## What to produce:
From the first entry to the last, copy everything exactly except the pictures.

## Records for this exercise:

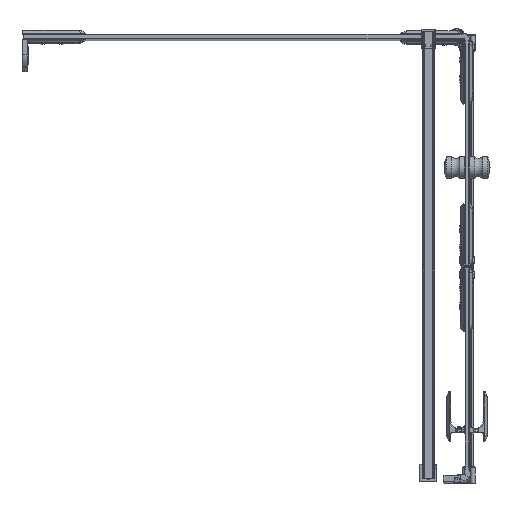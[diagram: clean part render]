
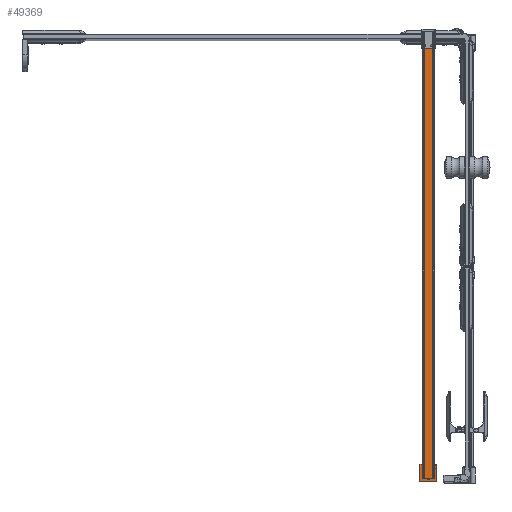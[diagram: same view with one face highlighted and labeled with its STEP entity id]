
A CAD part, top view. The second image highlights one B-rep face of the part: STEP entity #49369.
In plain terms, the highlighted planar face has unit normal (0, 0, 1).
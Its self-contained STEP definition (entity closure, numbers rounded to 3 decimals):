
#4265=LINE($,#111567,#8347);
#4997=LINE($,#113799,#9079);
#4998=LINE($,#113805,#9080);
#5002=LINE($,#113831,#9084);
#5010=LINE($,#113846,#9092);
#5011=LINE($,#113849,#9093);
#5012=LINE($,#113851,#9094);
#5016=LINE($,#113856,#9098);
#5017=LINE($,#113858,#9099);
#5018=LINE($,#113860,#9100);
#5027=LINE($,#113878,#9109);
#5028=LINE($,#113879,#9110);
#8347=VECTOR($,#64615,14.);
#9079=VECTOR($,#66539,3.25);
#9080=VECTOR($,#66544,3.25);
#9084=VECTOR($,#66572,30.);
#9092=VECTOR($,#66584,30.);
#9093=VECTOR($,#66587,4.75);
#9094=VECTOR($,#66588,4.75);
#9098=VECTOR($,#66594,30.);
#9099=VECTOR($,#66597,25.);
#9100=VECTOR($,#66600,25.);
#9109=VECTOR($,#66627,780.);
#9110=VECTOR($,#66628,780.);
#10901=PLANE($,#53800);
#13948=FACE_OUTER_BOUND($,#16992,.T.);
#16992=EDGE_LOOP($,(#43163,#43164,#43165,#43166,#43167,#43168,#43169,#43170,
#43171,#43172,#43173,#43174));
#22672=VERTEX_POINT($,#111565);
#22673=VERTEX_POINT($,#111566);
#23198=VERTEX_POINT($,#113791);
#23201=VERTEX_POINT($,#113797);
#23203=VERTEX_POINT($,#113802);
#23204=VERTEX_POINT($,#113804);
#23212=VERTEX_POINT($,#113827);
#23214=VERTEX_POINT($,#113830);
#23218=VERTEX_POINT($,#113842);
#23219=VERTEX_POINT($,#113844);
#23220=VERTEX_POINT($,#113848);
#23221=VERTEX_POINT($,#113850);
#28923=EDGE_CURVE($,#22672,#22673,#4265,.T.);
#29859=EDGE_CURVE($,#23198,#23201,#4997,.T.);
#29861=EDGE_CURVE($,#23204,#23203,#4998,.T.);
#29872=EDGE_CURVE($,#23214,#23212,#5002,.T.);
#29880=EDGE_CURVE($,#23219,#23218,#5010,.T.);
#29881=EDGE_CURVE($,#23219,#23220,#5011,.T.);
#29882=EDGE_CURVE($,#23221,#23214,#5012,.T.);
#29886=EDGE_CURVE($,#23218,#23212,#5016,.T.);
#29887=EDGE_CURVE($,#23204,#23220,#5017,.T.);
#29888=EDGE_CURVE($,#23201,#23221,#5018,.T.);
#29897=EDGE_CURVE($,#22672,#23198,#5027,.T.);
#29898=EDGE_CURVE($,#23203,#22673,#5028,.T.);
#43163=ORIENTED_EDGE($,*,*,#29897,.T.);
#43164=ORIENTED_EDGE($,*,*,#29859,.T.);
#43165=ORIENTED_EDGE($,*,*,#29888,.T.);
#43166=ORIENTED_EDGE($,*,*,#29882,.T.);
#43167=ORIENTED_EDGE($,*,*,#29872,.T.);
#43168=ORIENTED_EDGE($,*,*,#29886,.F.);
#43169=ORIENTED_EDGE($,*,*,#29880,.F.);
#43170=ORIENTED_EDGE($,*,*,#29881,.T.);
#43171=ORIENTED_EDGE($,*,*,#29887,.F.);
#43172=ORIENTED_EDGE($,*,*,#29861,.T.);
#43173=ORIENTED_EDGE($,*,*,#29898,.T.);
#43174=ORIENTED_EDGE($,*,*,#28923,.F.);
#49369=ADVANCED_FACE($,(#13948),#10901,.F.);
#53800=AXIS2_PLACEMENT_3D($,#113877,#66625,#66626);
#64615=DIRECTION($,(1.,0.,0.));
#66539=DIRECTION($,(-1.,0.,0.));
#66544=DIRECTION($,(-1.,0.,0.));
#66572=DIRECTION($,(0.,-1.,0.));
#66584=DIRECTION($,(0.,-1.,0.));
#66587=DIRECTION($,(-1.,0.,0.));
#66588=DIRECTION($,(-1.,0.,0.));
#66594=DIRECTION($,(-1.,0.,0.));
#66597=DIRECTION($,(0.,1.,0.));
#66600=DIRECTION($,(0.,1.,0.));
#66625=DIRECTION('center_axis',(0.,0.,
-1.));
#66626=DIRECTION('ref_axis',(0.,-1.,0.));
#66627=DIRECTION($,(0.,-1.,0.));
#66628=DIRECTION($,(0.,1.,0.));
#111565=CARTESIAN_POINT('',(1153.733,-43.044,1511.944));
#111566=CARTESIAN_POINT('',(1167.733,-43.044,1511.944));
#111567=CARTESIAN_POINT($,(1153.733,-43.044,1511.944));
#113791=CARTESIAN_POINT('',(1153.733,-823.044,1511.944));
#113797=CARTESIAN_POINT('',(1150.483,-823.044,1511.944));
#113799=CARTESIAN_POINT($,(1170.983,-823.044,1511.944));
#113802=CARTESIAN_POINT('',(1167.733,-823.044,1511.944));
#113804=CARTESIAN_POINT('',(1170.983,-823.044,1511.944));
#113805=CARTESIAN_POINT($,(1170.983,-823.044,1511.944));
#113827=CARTESIAN_POINT('',(1145.733,-828.044,1511.944));
#113830=CARTESIAN_POINT('',(1145.733,-798.044,1511.944));
#113831=CARTESIAN_POINT($,(1145.733,-798.044,1511.944));
#113842=CARTESIAN_POINT('',(1175.733,-828.044,1511.944));
#113844=CARTESIAN_POINT('',(1175.733,-798.044,1511.944));
#113846=CARTESIAN_POINT($,(1175.733,-798.044,1511.944));
#113848=CARTESIAN_POINT('',(1170.983,-798.044,1511.944));
#113849=CARTESIAN_POINT($,(1145.733,-798.044,1511.944));
#113850=CARTESIAN_POINT('',(1150.483,-798.044,1511.944));
#113851=CARTESIAN_POINT($,(1145.733,-798.044,1511.944));
#113856=CARTESIAN_POINT($,(1145.733,-828.044,1511.944));
#113858=CARTESIAN_POINT($,(1170.983,-823.044,1511.944));
#113860=CARTESIAN_POINT($,(1150.483,-823.044,1511.944));
#113877=CARTESIAN_POINT('Origin',(1167.733,-433.044,1511.944));
#113878=CARTESIAN_POINT($,(1153.733,-433.044,1511.944));
#113879=CARTESIAN_POINT($,(1167.733,-433.044,1511.944));

## Reply to the task:
[diagram: clean part render]
[diagram: same view with one face highlighted and labeled with its STEP entity id]
A CAD part, top view. The second image highlights one B-rep face of the part: STEP entity #49369.
In plain terms, the highlighted planar face has unit normal (0, 0, 1).
Its self-contained STEP definition (entity closure, numbers rounded to 3 decimals):
#4265=LINE($,#111567,#8347);
#4997=LINE($,#113799,#9079);
#4998=LINE($,#113805,#9080);
#5002=LINE($,#113831,#9084);
#5010=LINE($,#113846,#9092);
#5011=LINE($,#113849,#9093);
#5012=LINE($,#113851,#9094);
#5016=LINE($,#113856,#9098);
#5017=LINE($,#113858,#9099);
#5018=LINE($,#113860,#9100);
#5027=LINE($,#113878,#9109);
#5028=LINE($,#113879,#9110);
#8347=VECTOR($,#64615,14.);
#9079=VECTOR($,#66539,3.25);
#9080=VECTOR($,#66544,3.25);
#9084=VECTOR($,#66572,30.);
#9092=VECTOR($,#66584,30.);
#9093=VECTOR($,#66587,4.75);
#9094=VECTOR($,#66588,4.75);
#9098=VECTOR($,#66594,30.);
#9099=VECTOR($,#66597,25.);
#9100=VECTOR($,#66600,25.);
#9109=VECTOR($,#66627,780.);
#9110=VECTOR($,#66628,780.);
#10901=PLANE($,#53800);
#13948=FACE_OUTER_BOUND($,#16992,.T.);
#16992=EDGE_LOOP($,(#43163,#43164,#43165,#43166,#43167,#43168,#43169,#43170,
#43171,#43172,#43173,#43174));
#22672=VERTEX_POINT($,#111565);
#22673=VERTEX_POINT($,#111566);
#23198=VERTEX_POINT($,#113791);
#23201=VERTEX_POINT($,#113797);
#23203=VERTEX_POINT($,#113802);
#23204=VERTEX_POINT($,#113804);
#23212=VERTEX_POINT($,#113827);
#23214=VERTEX_POINT($,#113830);
#23218=VERTEX_POINT($,#113842);
#23219=VERTEX_POINT($,#113844);
#23220=VERTEX_POINT($,#113848);
#23221=VERTEX_POINT($,#113850);
#28923=EDGE_CURVE($,#22672,#22673,#4265,.T.);
#29859=EDGE_CURVE($,#23198,#23201,#4997,.T.);
#29861=EDGE_CURVE($,#23204,#23203,#4998,.T.);
#29872=EDGE_CURVE($,#23214,#23212,#5002,.T.);
#29880=EDGE_CURVE($,#23219,#23218,#5010,.T.);
#29881=EDGE_CURVE($,#23219,#23220,#5011,.T.);
#29882=EDGE_CURVE($,#23221,#23214,#5012,.T.);
#29886=EDGE_CURVE($,#23218,#23212,#5016,.T.);
#29887=EDGE_CURVE($,#23204,#23220,#5017,.T.);
#29888=EDGE_CURVE($,#23201,#23221,#5018,.T.);
#29897=EDGE_CURVE($,#22672,#23198,#5027,.T.);
#29898=EDGE_CURVE($,#23203,#22673,#5028,.T.);
#43163=ORIENTED_EDGE($,*,*,#29897,.T.);
#43164=ORIENTED_EDGE($,*,*,#29859,.T.);
#43165=ORIENTED_EDGE($,*,*,#29888,.T.);
#43166=ORIENTED_EDGE($,*,*,#29882,.T.);
#43167=ORIENTED_EDGE($,*,*,#29872,.T.);
#43168=ORIENTED_EDGE($,*,*,#29886,.F.);
#43169=ORIENTED_EDGE($,*,*,#29880,.F.);
#43170=ORIENTED_EDGE($,*,*,#29881,.T.);
#43171=ORIENTED_EDGE($,*,*,#29887,.F.);
#43172=ORIENTED_EDGE($,*,*,#29861,.T.);
#43173=ORIENTED_EDGE($,*,*,#29898,.T.);
#43174=ORIENTED_EDGE($,*,*,#28923,.F.);
#49369=ADVANCED_FACE($,(#13948),#10901,.F.);
#53800=AXIS2_PLACEMENT_3D($,#113877,#66625,#66626);
#64615=DIRECTION($,(1.,0.,0.));
#66539=DIRECTION($,(-1.,0.,0.));
#66544=DIRECTION($,(-1.,0.,0.));
#66572=DIRECTION($,(0.,-1.,0.));
#66584=DIRECTION($,(0.,-1.,0.));
#66587=DIRECTION($,(-1.,0.,0.));
#66588=DIRECTION($,(-1.,0.,0.));
#66594=DIRECTION($,(-1.,0.,0.));
#66597=DIRECTION($,(0.,1.,0.));
#66600=DIRECTION($,(0.,1.,0.));
#66625=DIRECTION('center_axis',(0.,0.,
-1.));
#66626=DIRECTION('ref_axis',(0.,-1.,0.));
#66627=DIRECTION($,(0.,-1.,0.));
#66628=DIRECTION($,(0.,1.,0.));
#111565=CARTESIAN_POINT('',(1153.733,-43.044,1511.944));
#111566=CARTESIAN_POINT('',(1167.733,-43.044,1511.944));
#111567=CARTESIAN_POINT($,(1153.733,-43.044,1511.944));
#113791=CARTESIAN_POINT('',(1153.733,-823.044,1511.944));
#113797=CARTESIAN_POINT('',(1150.483,-823.044,1511.944));
#113799=CARTESIAN_POINT($,(1170.983,-823.044,1511.944));
#113802=CARTESIAN_POINT('',(1167.733,-823.044,1511.944));
#113804=CARTESIAN_POINT('',(1170.983,-823.044,1511.944));
#113805=CARTESIAN_POINT($,(1170.983,-823.044,1511.944));
#113827=CARTESIAN_POINT('',(1145.733,-828.044,1511.944));
#113830=CARTESIAN_POINT('',(1145.733,-798.044,1511.944));
#113831=CARTESIAN_POINT($,(1145.733,-798.044,1511.944));
#113842=CARTESIAN_POINT('',(1175.733,-828.044,1511.944));
#113844=CARTESIAN_POINT('',(1175.733,-798.044,1511.944));
#113846=CARTESIAN_POINT($,(1175.733,-798.044,1511.944));
#113848=CARTESIAN_POINT('',(1170.983,-798.044,1511.944));
#113849=CARTESIAN_POINT($,(1145.733,-798.044,1511.944));
#113850=CARTESIAN_POINT('',(1150.483,-798.044,1511.944));
#113851=CARTESIAN_POINT($,(1145.733,-798.044,1511.944));
#113856=CARTESIAN_POINT($,(1145.733,-828.044,1511.944));
#113858=CARTESIAN_POINT($,(1170.983,-823.044,1511.944));
#113860=CARTESIAN_POINT($,(1150.483,-823.044,1511.944));
#113877=CARTESIAN_POINT('Origin',(1167.733,-433.044,1511.944));
#113878=CARTESIAN_POINT($,(1153.733,-433.044,1511.944));
#113879=CARTESIAN_POINT($,(1167.733,-433.044,1511.944));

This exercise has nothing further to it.